You can also check the # dmesg out put to begin with to see what networking is doing to begin with.

Then just set up your networking information in /etc/conf.d/net

- Adam

----------

## Tigurius

Ok I went into lsmod and it's not there. How do I know which module to put in? Is there a list somewhere?

I've got debian on the other partition and when I type lspci this comes up for ethernet controller

"VIA Technologies, Inc. VT6105 [Rhine-III]"

Tig

update: I rebuilt the kernel with via-rhine support but that didn't help.  When it boots it tries to bring eth0 up: "Bringing eth0 up via DHCP" but it has a problem doing this: "Problem starting needed services. "netmount" was not started""

----------

## srlinuxx

please run rc-update -s and see if it's listed.  you don't really need it unless you use nfs, but I guess it don't hurt anything to run it.  if it's not listed just rc-update add netmount default.  

did you build support for into the kernel or as a module?  if it's a module, please put via-rhine into your /etc/modules.autoload/kernel-<version> file.  

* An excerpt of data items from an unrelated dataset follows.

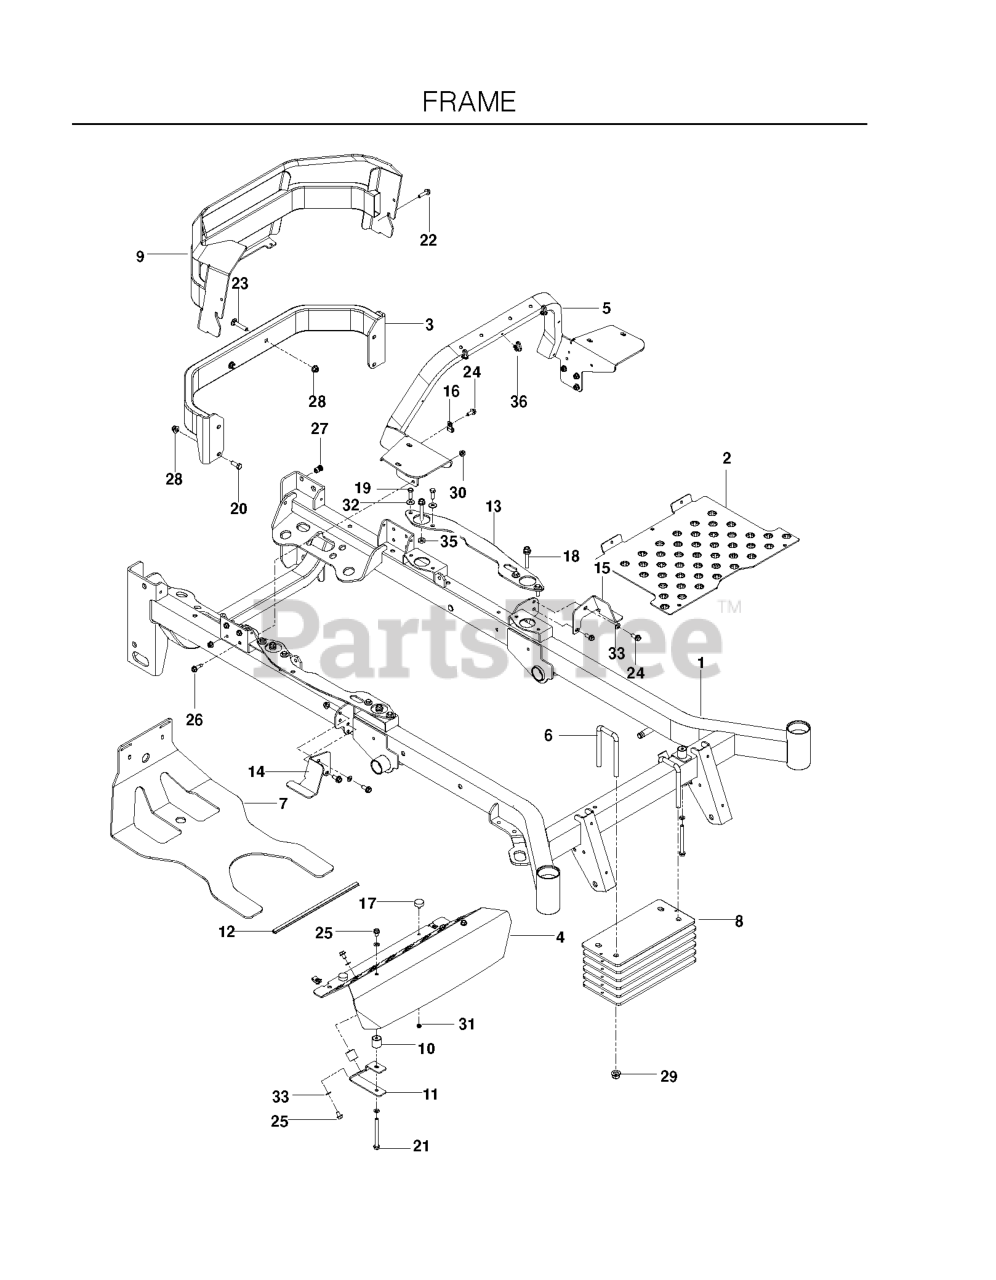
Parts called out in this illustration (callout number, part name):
1	FRAME.W/DECALS.PZ6029/PZ29
2	PLATE, FLOOR PAN, OR
3	BUMPER.REAR.W/DECALS
4	PLATE, FOOT REST, OR
5	CROSS MEMBER, GRAY
6	LINKAGE, U-BOLT
7	PLATE, SKID, BLACK
8	PLATE, WEIGHT BLK
9	GUARD, REAR W/DECALS
10	MOUNT, F/F INSERT
11	BRACKET, REST MOUNT
12	RP.FLEX TRIM, BLK-LENGTH 1 FT
13	STRAP.FRAME.BLACK
14	XX MOUNT, TANK, RT-BLK
15	MOUNT, TANK, LT-BLK
16	DOUBLE TUBE CLAMP
17	BUMPER, 1/4-20 STUD, 1/4
18	HHFS 3/8-16 X 2-1/4 GR 5 ZD
19	HCS 5/16C X 1
20	HCS 3/8-16X1.GRD.5.ZD
21	HHFS 5/16-18 X 3 3/4
22	HHFS 5/16-18 X 1.25 TPBLT GD 5
23	RHSNB 3/8C X 2
24	HHFS 5/16-18 X 3/4
25	SCR 5/16-18 X 1/2 SELFTAP ZN
26	RP BLT 5/16-18 X 1 THRD FORM D
27	NUTSERT 5/16-18 THICK GRIP
28	NUT 3/8-16 HEX FLG NYLOC ZD
29	NUT, 1/2-13 HEX FLG NYLOC ZD
30	5/16-18 NYLOC FLANGE NUT
31	JAM NUT 1/4C (2 2 PW01)
32	WASHER 5/16 FLAT
33	WASH 5/16 DISC SPRING ZD
35	WASHER 3/8 X 3/4 X .187 TK
36	TIE WRAP, 8-3/8", W/CLIP
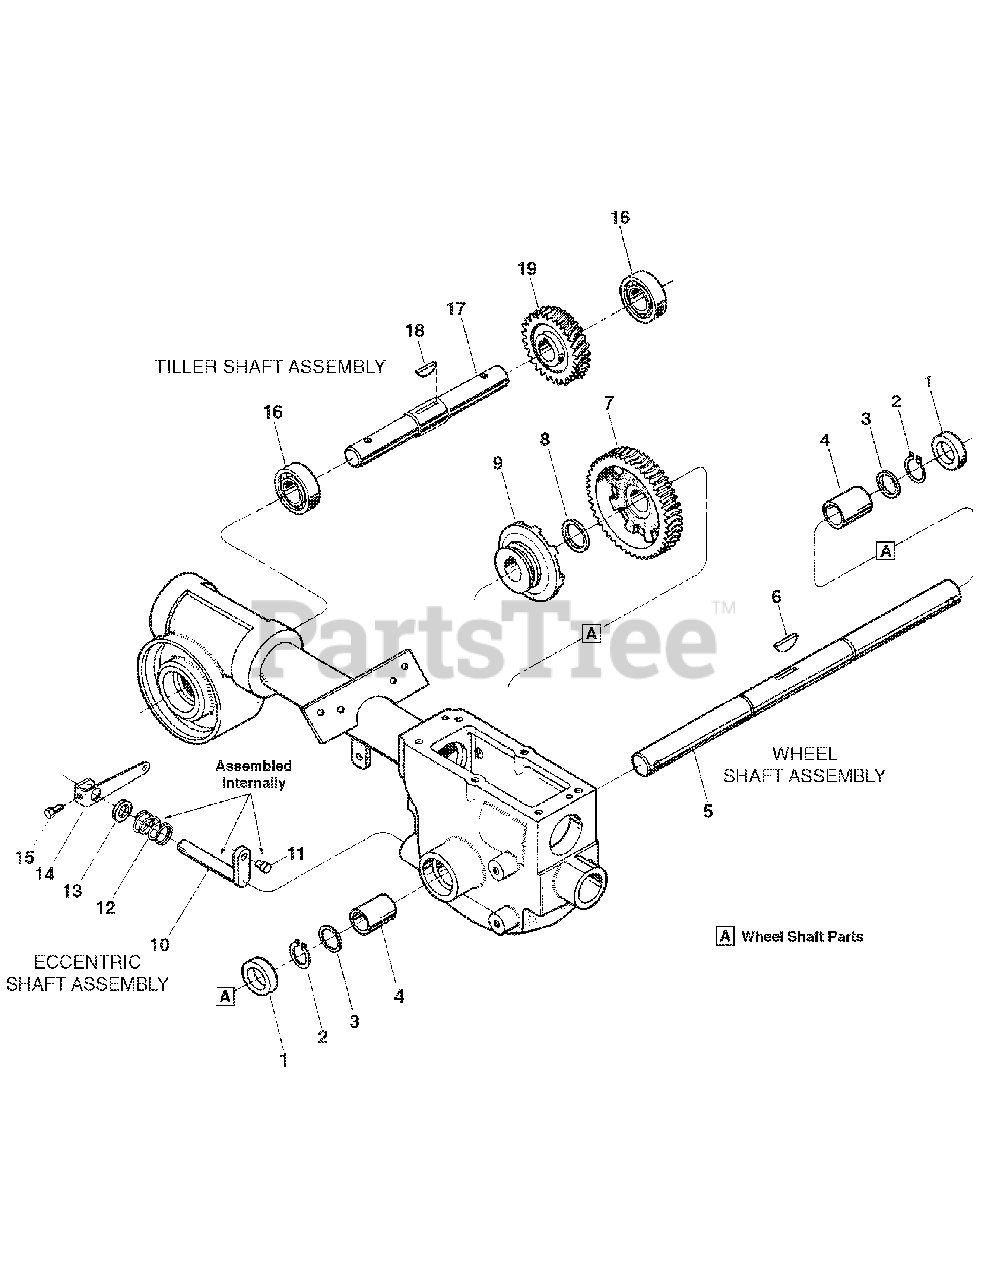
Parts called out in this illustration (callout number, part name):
1	Oil Seal
2	Retaining Ring (heavy-duty, external)
3	Shim, 1-1/64 I.D., .062" thick
3	Shim, as above, but .030" thick
3	Shim, as above, but .015" thick
3	Shim, as above, but .010" thick
4	Bushing
5	Wheel Shaft
6	Hi-Pro Key, 1/4 x 1-5/16
7	Wheel Drive Worm Gear (cast-iron)
8	Shim (between key and gear), 1.016 I.D. x 1.468 O.D. x.062 Thick
9	Wheel Drive Clutch (cast-iron)
10	Eccentric Shaft
11	Pin, Eccentric Shaft
13	Oil Seal
14	Eccentric Shaft Lever
15	Hex Hd. Screw, 1/4-20 x 1/2
16	Ball Bearing
17	Tiller Shaft
18	Woodruff Key, 1/4 x 1-1/4
19	Tiller Drive Worm Gear (bronze)
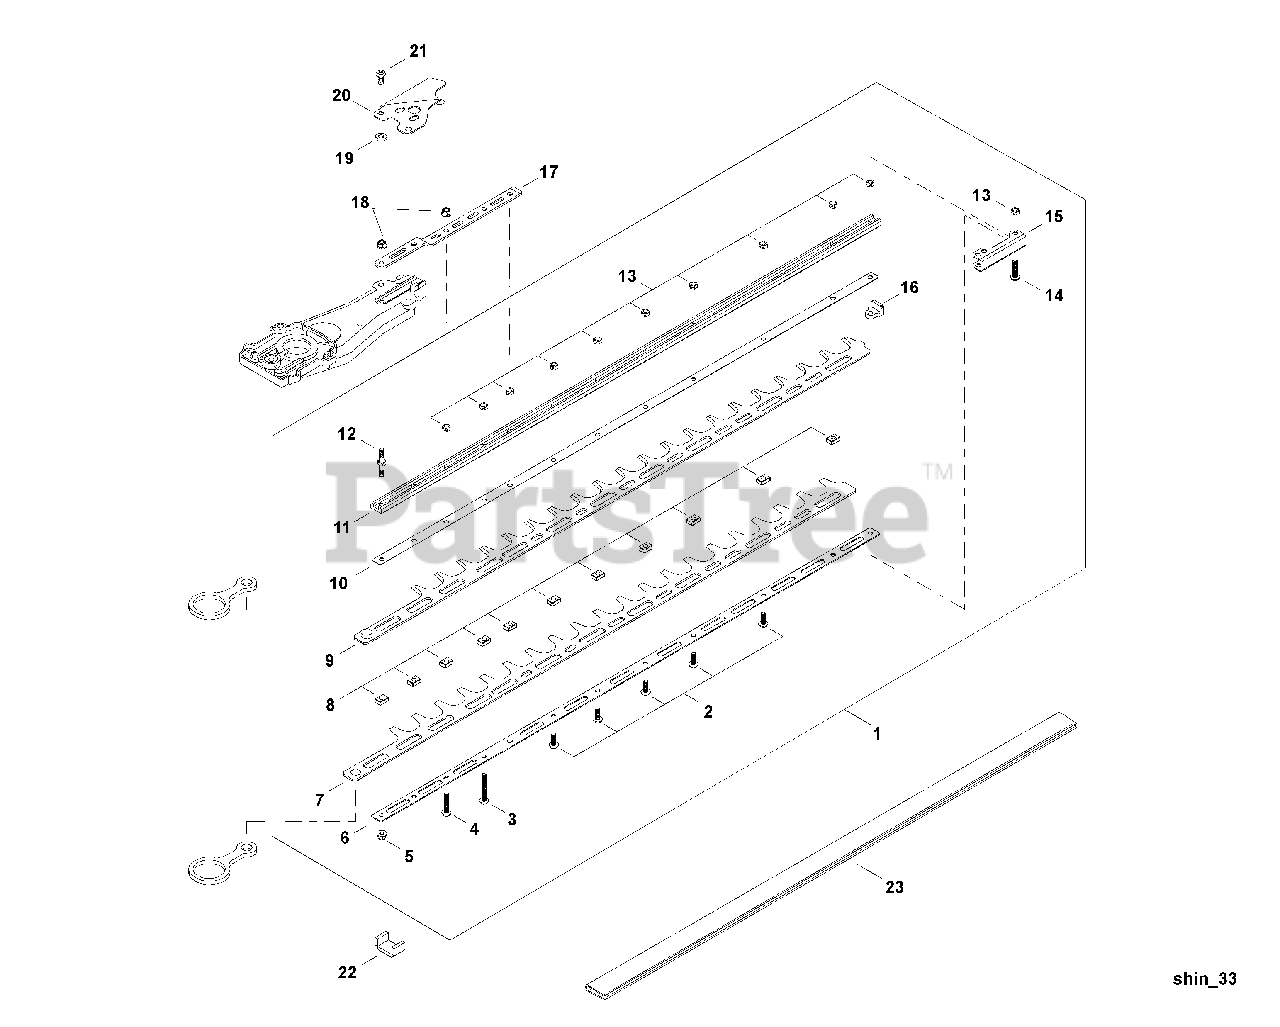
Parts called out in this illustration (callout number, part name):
1	CUTTER ASSY, 30"
2	BOLT M5×14
3	BOLT M5×35
4	BOLT M5×25
6	PLATE, LOWER
7	BLADE, LOWER 30"
9	BLADE, UPPER 30"
10	PLATE, UPPER
11	GUIDE BAR, 30"
12	STUD, MOUNTING M5
13	NUT, LOCK M5
14	BOLT M5×22
15	PLATE, GUIDE
17	BRACKET, CUTTER
19	WASHER M5
20	PROTECTOR
21	BOLT M6×12
22	PACKING, FELT
23	SCABBARD 30"

try that, and post relevant portion of logs if it still don't work.

----------

## Tigurius

I put via-rhine into the kernel but eth0 still doesn't show up. What log files would you need to see to determine the problem?

Tig

----------

## srlinuxx

/var/log/messages is a good place to start.  after boot and login you can type dmesg and possibly see what the problem is.

----------

## Tigurius

I couldn't find a /var/log/messages and i went through dmesg and didn't see any errors, is there something I need to do after compiling the driver into the kernel to enable eth0 or will it load at boot if the right driver is loaded?

Tig

----------

## srlinuxx

did you see where it was detected?  

is it on-board and if so, is it enabled in the bios?  

what does cat /proc/pci say?  

you did say you built into the kernel and not as a module right?

how about ifconfig eth0?

usually one really only needs to load the module or make sure support is in the kernel and ifconfig eth0 up or in gentoo you set up your /etc/conf.d/net.  This is the only line in mine:   iface_eth0="dhcp"   but some require something similar to this:  gateway="eth0/192.168.0.6"  we'll worry about actually connecting once we see it's detected I reckon.

----------

## Sith_Happens

Instead of doing cat /proc/pci, do cat /proc/pci | grep Ethernet, it'll make it easier on my eyes  :Smile:  .  When it comes to network cards, it's usually sufficient to use the in kernel support for your network card, either compiling the driver in or having it loaded as an externel module.  All of this can be done from the kernel configuration.  After doing cat /proc/pci | grep Ethernet, look in the menuconfig under device drivers -> network support -> ethernet (whatever speed matches your card), and find the right driver.  Then just recompile and install your kernel, and your done.  :Smile:   After rebooting you should have a working network connection on eth0, granted all you were missing was the NIC driver.

----------

## Tigurius

I didn't see anywhere  in dmesg that said anything about eth0.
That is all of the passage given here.